Task to carry out | Find every line in the records below that holds the word "millimetres" and copy it.

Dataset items
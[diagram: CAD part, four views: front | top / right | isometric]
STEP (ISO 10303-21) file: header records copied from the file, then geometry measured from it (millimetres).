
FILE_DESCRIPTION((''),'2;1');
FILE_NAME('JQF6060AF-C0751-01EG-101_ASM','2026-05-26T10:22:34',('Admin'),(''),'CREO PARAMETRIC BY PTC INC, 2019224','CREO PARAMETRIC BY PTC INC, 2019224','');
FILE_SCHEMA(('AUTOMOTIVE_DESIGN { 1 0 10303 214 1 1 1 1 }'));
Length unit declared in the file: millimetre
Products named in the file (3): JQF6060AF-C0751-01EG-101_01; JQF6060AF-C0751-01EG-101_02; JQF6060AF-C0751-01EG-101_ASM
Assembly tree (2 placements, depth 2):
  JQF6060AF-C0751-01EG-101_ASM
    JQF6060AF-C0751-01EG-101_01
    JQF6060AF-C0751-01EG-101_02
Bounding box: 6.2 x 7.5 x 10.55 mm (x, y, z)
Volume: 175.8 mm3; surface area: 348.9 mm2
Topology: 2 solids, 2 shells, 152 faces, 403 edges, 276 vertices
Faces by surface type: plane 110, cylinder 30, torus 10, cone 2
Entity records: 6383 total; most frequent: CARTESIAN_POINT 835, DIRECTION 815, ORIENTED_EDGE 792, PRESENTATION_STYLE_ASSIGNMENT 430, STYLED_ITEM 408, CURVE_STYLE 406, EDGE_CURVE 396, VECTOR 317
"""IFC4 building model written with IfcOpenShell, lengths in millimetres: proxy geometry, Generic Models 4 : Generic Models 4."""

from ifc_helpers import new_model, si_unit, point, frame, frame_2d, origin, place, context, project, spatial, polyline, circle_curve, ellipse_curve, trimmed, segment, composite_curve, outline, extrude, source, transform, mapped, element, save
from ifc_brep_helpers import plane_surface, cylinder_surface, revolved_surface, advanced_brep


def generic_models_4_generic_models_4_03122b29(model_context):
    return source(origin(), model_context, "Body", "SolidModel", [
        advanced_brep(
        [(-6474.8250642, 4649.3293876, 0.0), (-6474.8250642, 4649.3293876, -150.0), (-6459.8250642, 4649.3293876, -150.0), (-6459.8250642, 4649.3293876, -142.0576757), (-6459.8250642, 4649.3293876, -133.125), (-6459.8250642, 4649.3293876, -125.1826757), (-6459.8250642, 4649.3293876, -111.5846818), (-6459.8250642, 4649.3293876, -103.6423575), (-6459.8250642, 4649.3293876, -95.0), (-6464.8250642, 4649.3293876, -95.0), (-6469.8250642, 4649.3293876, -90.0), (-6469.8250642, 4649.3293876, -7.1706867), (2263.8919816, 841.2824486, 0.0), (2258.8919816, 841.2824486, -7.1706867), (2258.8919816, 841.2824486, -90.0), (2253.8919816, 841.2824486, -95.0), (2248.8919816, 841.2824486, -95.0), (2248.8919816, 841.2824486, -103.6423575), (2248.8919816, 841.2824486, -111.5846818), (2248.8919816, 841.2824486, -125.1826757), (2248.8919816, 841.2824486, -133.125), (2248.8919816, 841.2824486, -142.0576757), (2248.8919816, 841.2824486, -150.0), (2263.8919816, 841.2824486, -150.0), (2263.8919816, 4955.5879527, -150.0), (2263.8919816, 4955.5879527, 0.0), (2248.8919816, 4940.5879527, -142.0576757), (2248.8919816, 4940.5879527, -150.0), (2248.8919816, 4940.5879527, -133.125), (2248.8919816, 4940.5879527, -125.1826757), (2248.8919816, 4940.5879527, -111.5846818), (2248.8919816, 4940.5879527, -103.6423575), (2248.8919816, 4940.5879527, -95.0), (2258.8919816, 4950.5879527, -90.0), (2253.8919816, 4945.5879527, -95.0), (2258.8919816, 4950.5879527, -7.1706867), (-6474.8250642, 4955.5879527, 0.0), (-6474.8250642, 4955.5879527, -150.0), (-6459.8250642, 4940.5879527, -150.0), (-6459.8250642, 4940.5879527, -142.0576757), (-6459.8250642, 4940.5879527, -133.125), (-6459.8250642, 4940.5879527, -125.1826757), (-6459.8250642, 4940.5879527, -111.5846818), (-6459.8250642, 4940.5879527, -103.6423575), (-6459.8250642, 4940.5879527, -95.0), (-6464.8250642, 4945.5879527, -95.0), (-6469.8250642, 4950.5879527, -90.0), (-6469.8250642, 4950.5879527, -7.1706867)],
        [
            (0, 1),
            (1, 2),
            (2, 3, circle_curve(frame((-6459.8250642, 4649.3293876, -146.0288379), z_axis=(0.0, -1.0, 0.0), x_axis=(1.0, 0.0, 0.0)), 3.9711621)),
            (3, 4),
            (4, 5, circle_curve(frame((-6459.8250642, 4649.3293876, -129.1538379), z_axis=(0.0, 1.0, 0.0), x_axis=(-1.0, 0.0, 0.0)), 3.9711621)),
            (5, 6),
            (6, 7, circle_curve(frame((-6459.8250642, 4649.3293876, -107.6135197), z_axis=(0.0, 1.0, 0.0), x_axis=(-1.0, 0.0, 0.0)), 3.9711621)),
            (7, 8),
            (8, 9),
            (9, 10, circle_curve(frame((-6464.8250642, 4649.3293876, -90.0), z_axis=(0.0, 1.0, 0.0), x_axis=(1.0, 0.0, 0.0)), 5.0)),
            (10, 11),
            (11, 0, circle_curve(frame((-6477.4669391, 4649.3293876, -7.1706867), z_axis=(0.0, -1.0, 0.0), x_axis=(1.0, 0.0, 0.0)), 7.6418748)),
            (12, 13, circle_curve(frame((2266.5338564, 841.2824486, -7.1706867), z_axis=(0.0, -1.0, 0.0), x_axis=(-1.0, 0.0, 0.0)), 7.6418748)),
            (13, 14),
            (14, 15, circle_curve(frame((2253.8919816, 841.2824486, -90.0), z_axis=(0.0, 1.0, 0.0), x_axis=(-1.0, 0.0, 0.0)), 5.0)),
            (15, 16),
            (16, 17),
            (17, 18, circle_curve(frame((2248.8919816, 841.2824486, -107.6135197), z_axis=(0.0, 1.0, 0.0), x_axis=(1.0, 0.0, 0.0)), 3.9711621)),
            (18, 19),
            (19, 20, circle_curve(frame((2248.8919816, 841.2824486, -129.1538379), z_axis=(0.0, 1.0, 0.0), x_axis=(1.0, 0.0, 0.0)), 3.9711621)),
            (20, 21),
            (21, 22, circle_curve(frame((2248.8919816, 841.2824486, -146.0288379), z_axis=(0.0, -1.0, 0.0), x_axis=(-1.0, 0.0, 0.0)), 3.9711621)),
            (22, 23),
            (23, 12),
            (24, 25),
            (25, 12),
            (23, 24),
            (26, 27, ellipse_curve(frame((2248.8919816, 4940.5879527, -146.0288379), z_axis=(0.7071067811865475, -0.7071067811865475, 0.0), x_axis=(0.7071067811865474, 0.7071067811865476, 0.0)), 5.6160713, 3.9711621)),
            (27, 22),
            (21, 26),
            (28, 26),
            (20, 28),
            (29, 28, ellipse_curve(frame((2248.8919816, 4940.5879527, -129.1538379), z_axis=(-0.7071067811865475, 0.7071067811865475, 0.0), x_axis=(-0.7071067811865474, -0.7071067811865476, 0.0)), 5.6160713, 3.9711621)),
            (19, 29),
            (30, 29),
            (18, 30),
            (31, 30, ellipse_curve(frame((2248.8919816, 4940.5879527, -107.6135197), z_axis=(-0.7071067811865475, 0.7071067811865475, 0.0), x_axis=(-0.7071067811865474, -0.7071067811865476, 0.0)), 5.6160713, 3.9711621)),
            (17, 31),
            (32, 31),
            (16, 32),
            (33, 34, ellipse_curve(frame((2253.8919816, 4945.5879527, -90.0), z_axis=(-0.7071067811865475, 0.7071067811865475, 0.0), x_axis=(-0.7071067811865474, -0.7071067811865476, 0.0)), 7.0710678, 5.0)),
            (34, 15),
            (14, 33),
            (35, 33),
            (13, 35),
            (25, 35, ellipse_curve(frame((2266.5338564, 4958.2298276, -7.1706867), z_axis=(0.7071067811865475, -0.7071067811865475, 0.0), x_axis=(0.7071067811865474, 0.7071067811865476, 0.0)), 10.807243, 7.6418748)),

Exercise answer |
STEP (ISO 10303-21) file: header records copied from the file, then geometry measured from it (millimetres).
"""IFC4 building model written with IfcOpenShell, lengths in millimetres: proxy geometry, Generic Models 4 : Generic Models 4."""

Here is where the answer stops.